§ WORK REQUIRED: Your task is to return all the entries below exactly, with every picture omitted.

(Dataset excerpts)
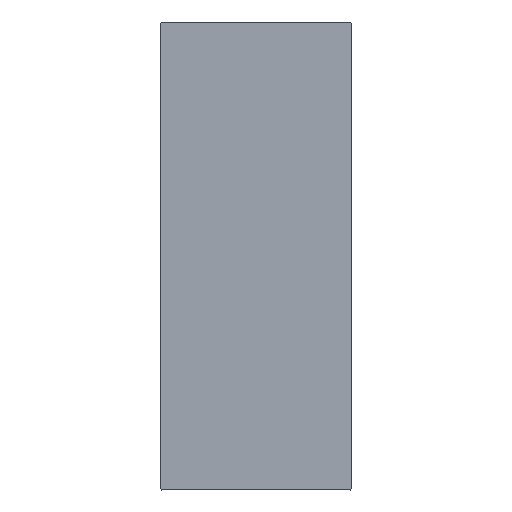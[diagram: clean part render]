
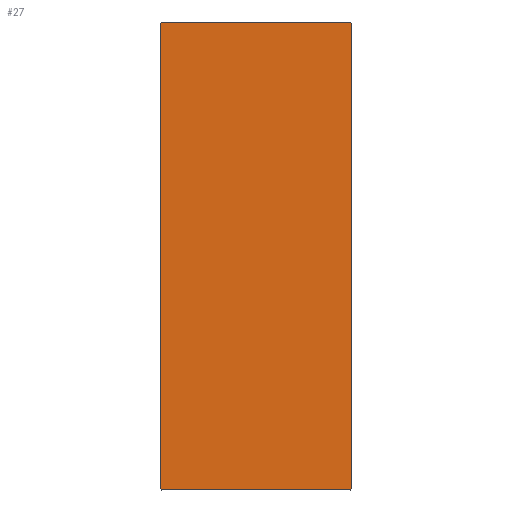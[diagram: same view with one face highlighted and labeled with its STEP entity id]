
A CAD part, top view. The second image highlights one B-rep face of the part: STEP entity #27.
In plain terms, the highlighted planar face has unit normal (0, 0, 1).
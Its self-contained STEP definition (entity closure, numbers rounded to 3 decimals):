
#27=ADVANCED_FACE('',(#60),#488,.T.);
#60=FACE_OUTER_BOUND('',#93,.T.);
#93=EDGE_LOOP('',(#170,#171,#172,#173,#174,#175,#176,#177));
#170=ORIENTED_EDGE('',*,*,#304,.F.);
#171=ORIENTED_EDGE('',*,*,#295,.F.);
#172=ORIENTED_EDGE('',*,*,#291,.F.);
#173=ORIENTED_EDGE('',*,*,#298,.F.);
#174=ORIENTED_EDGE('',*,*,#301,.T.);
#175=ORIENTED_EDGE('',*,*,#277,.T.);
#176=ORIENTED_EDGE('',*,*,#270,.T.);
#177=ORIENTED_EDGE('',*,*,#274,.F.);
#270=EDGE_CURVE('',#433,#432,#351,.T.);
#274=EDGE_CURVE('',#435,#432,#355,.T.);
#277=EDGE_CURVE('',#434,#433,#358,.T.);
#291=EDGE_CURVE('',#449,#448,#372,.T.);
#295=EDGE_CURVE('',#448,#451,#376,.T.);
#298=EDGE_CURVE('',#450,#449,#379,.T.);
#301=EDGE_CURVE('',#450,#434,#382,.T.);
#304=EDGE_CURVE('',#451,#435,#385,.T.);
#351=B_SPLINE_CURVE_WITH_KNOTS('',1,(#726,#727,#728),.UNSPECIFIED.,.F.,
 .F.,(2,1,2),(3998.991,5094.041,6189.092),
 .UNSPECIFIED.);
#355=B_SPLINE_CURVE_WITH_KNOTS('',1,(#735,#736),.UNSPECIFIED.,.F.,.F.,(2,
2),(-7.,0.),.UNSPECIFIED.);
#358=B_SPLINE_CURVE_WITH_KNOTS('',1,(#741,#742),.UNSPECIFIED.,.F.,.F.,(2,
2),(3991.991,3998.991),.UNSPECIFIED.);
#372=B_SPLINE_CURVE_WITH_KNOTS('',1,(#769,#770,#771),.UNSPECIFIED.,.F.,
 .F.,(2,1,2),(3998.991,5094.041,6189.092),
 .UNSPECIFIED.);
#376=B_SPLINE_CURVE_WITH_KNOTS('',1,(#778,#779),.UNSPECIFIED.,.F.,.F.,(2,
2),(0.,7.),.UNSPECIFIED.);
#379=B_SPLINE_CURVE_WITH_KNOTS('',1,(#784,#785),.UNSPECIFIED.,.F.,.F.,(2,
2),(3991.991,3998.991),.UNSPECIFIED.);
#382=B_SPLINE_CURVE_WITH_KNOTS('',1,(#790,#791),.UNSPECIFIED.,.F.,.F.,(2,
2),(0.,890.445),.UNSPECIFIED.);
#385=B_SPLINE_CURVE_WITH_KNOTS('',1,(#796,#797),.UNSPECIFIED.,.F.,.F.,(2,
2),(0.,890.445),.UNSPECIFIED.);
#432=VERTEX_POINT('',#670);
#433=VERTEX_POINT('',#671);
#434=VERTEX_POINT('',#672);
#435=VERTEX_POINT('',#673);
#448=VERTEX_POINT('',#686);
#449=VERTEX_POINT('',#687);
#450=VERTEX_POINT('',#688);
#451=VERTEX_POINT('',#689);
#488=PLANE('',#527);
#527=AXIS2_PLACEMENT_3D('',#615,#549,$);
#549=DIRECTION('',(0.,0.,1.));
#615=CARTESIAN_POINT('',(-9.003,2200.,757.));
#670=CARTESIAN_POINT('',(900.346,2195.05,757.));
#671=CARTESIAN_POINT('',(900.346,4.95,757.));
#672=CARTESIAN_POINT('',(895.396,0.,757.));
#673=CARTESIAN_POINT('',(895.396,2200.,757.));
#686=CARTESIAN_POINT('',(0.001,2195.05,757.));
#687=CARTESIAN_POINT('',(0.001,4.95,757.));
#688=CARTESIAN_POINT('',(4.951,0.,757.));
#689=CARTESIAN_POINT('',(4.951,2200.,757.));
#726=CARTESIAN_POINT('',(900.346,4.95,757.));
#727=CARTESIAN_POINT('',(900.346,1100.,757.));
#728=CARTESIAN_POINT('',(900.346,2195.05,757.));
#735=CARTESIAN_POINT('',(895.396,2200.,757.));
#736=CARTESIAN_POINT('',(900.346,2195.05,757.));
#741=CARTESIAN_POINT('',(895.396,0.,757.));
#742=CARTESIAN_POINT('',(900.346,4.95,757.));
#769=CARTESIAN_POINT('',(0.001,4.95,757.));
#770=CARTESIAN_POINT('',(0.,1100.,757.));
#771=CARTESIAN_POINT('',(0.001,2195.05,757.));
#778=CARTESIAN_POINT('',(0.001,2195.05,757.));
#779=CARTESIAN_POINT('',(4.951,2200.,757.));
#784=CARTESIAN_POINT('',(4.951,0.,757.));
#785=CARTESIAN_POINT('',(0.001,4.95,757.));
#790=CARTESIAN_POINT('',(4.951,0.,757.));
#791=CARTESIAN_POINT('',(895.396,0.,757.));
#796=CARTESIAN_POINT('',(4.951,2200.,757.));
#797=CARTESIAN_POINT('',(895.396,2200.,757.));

§ YOUR SOLUTION:
[diagram: clean part render]
[diagram: same view with one face highlighted and labeled with its STEP entity id]
A CAD part, top view. The second image highlights one B-rep face of the part: STEP entity #27.
In plain terms, the highlighted planar face has unit normal (0, 0, 1).
Its self-contained STEP definition (entity closure, numbers rounded to 3 decimals):
#27=ADVANCED_FACE('',(#60),#488,.T.);
#60=FACE_OUTER_BOUND('',#93,.T.);
#93=EDGE_LOOP('',(#170,#171,#172,#173,#174,#175,#176,#177));
#170=ORIENTED_EDGE('',*,*,#304,.F.);
#171=ORIENTED_EDGE('',*,*,#295,.F.);
#172=ORIENTED_EDGE('',*,*,#291,.F.);
#173=ORIENTED_EDGE('',*,*,#298,.F.);
#174=ORIENTED_EDGE('',*,*,#301,.T.);
#175=ORIENTED_EDGE('',*,*,#277,.T.);
#176=ORIENTED_EDGE('',*,*,#270,.T.);
#177=ORIENTED_EDGE('',*,*,#274,.F.);
#270=EDGE_CURVE('',#433,#432,#351,.T.);
#274=EDGE_CURVE('',#435,#432,#355,.T.);
#277=EDGE_CURVE('',#434,#433,#358,.T.);
#291=EDGE_CURVE('',#449,#448,#372,.T.);
#295=EDGE_CURVE('',#448,#451,#376,.T.);
#298=EDGE_CURVE('',#450,#449,#379,.T.);
#301=EDGE_CURVE('',#450,#434,#382,.T.);
#304=EDGE_CURVE('',#451,#435,#385,.T.);
#351=B_SPLINE_CURVE_WITH_KNOTS('',1,(#726,#727,#728),.UNSPECIFIED.,.F.,
 .F.,(2,1,2),(3998.991,5094.041,6189.092),
 .UNSPECIFIED.);
#355=B_SPLINE_CURVE_WITH_KNOTS('',1,(#735,#736),.UNSPECIFIED.,.F.,.F.,(2,
2),(-7.,0.),.UNSPECIFIED.);
#358=B_SPLINE_CURVE_WITH_KNOTS('',1,(#741,#742),.UNSPECIFIED.,.F.,.F.,(2,
2),(3991.991,3998.991),.UNSPECIFIED.);
#372=B_SPLINE_CURVE_WITH_KNOTS('',1,(#769,#770,#771),.UNSPECIFIED.,.F.,
 .F.,(2,1,2),(3998.991,5094.041,6189.092),
 .UNSPECIFIED.);
#376=B_SPLINE_CURVE_WITH_KNOTS('',1,(#778,#779),.UNSPECIFIED.,.F.,.F.,(2,
2),(0.,7.),.UNSPECIFIED.);
#379=B_SPLINE_CURVE_WITH_KNOTS('',1,(#784,#785),.UNSPECIFIED.,.F.,.F.,(2,
2),(3991.991,3998.991),.UNSPECIFIED.);
#382=B_SPLINE_CURVE_WITH_KNOTS('',1,(#790,#791),.UNSPECIFIED.,.F.,.F.,(2,
2),(0.,890.445),.UNSPECIFIED.);
#385=B_SPLINE_CURVE_WITH_KNOTS('',1,(#796,#797),.UNSPECIFIED.,.F.,.F.,(2,
2),(0.,890.445),.UNSPECIFIED.);
#432=VERTEX_POINT('',#670);
#433=VERTEX_POINT('',#671);
#434=VERTEX_POINT('',#672);
#435=VERTEX_POINT('',#673);
#448=VERTEX_POINT('',#686);
#449=VERTEX_POINT('',#687);
#450=VERTEX_POINT('',#688);
#451=VERTEX_POINT('',#689);
#488=PLANE('',#527);
#527=AXIS2_PLACEMENT_3D('',#615,#549,$);
#549=DIRECTION('',(0.,0.,1.));
#615=CARTESIAN_POINT('',(-9.003,2200.,757.));
#670=CARTESIAN_POINT('',(900.346,2195.05,757.));
#671=CARTESIAN_POINT('',(900.346,4.95,757.));
#672=CARTESIAN_POINT('',(895.396,0.,757.));
#673=CARTESIAN_POINT('',(895.396,2200.,757.));
#686=CARTESIAN_POINT('',(0.001,2195.05,757.));
#687=CARTESIAN_POINT('',(0.001,4.95,757.));
#688=CARTESIAN_POINT('',(4.951,0.,757.));
#689=CARTESIAN_POINT('',(4.951,2200.,757.));
#726=CARTESIAN_POINT('',(900.346,4.95,757.));
#727=CARTESIAN_POINT('',(900.346,1100.,757.));
#728=CARTESIAN_POINT('',(900.346,2195.05,757.));
#735=CARTESIAN_POINT('',(895.396,2200.,757.));
#736=CARTESIAN_POINT('',(900.346,2195.05,757.));
#741=CARTESIAN_POINT('',(895.396,0.,757.));
#742=CARTESIAN_POINT('',(900.346,4.95,757.));
#769=CARTESIAN_POINT('',(0.001,4.95,757.));
#770=CARTESIAN_POINT('',(0.,1100.,757.));
#771=CARTESIAN_POINT('',(0.001,2195.05,757.));
#778=CARTESIAN_POINT('',(0.001,2195.05,757.));
#779=CARTESIAN_POINT('',(4.951,2200.,757.));
#784=CARTESIAN_POINT('',(4.951,0.,757.));
#785=CARTESIAN_POINT('',(0.001,4.95,757.));
#790=CARTESIAN_POINT('',(4.951,0.,757.));
#791=CARTESIAN_POINT('',(895.396,0.,757.));
#796=CARTESIAN_POINT('',(4.951,2200.,757.));
#797=CARTESIAN_POINT('',(895.396,2200.,757.));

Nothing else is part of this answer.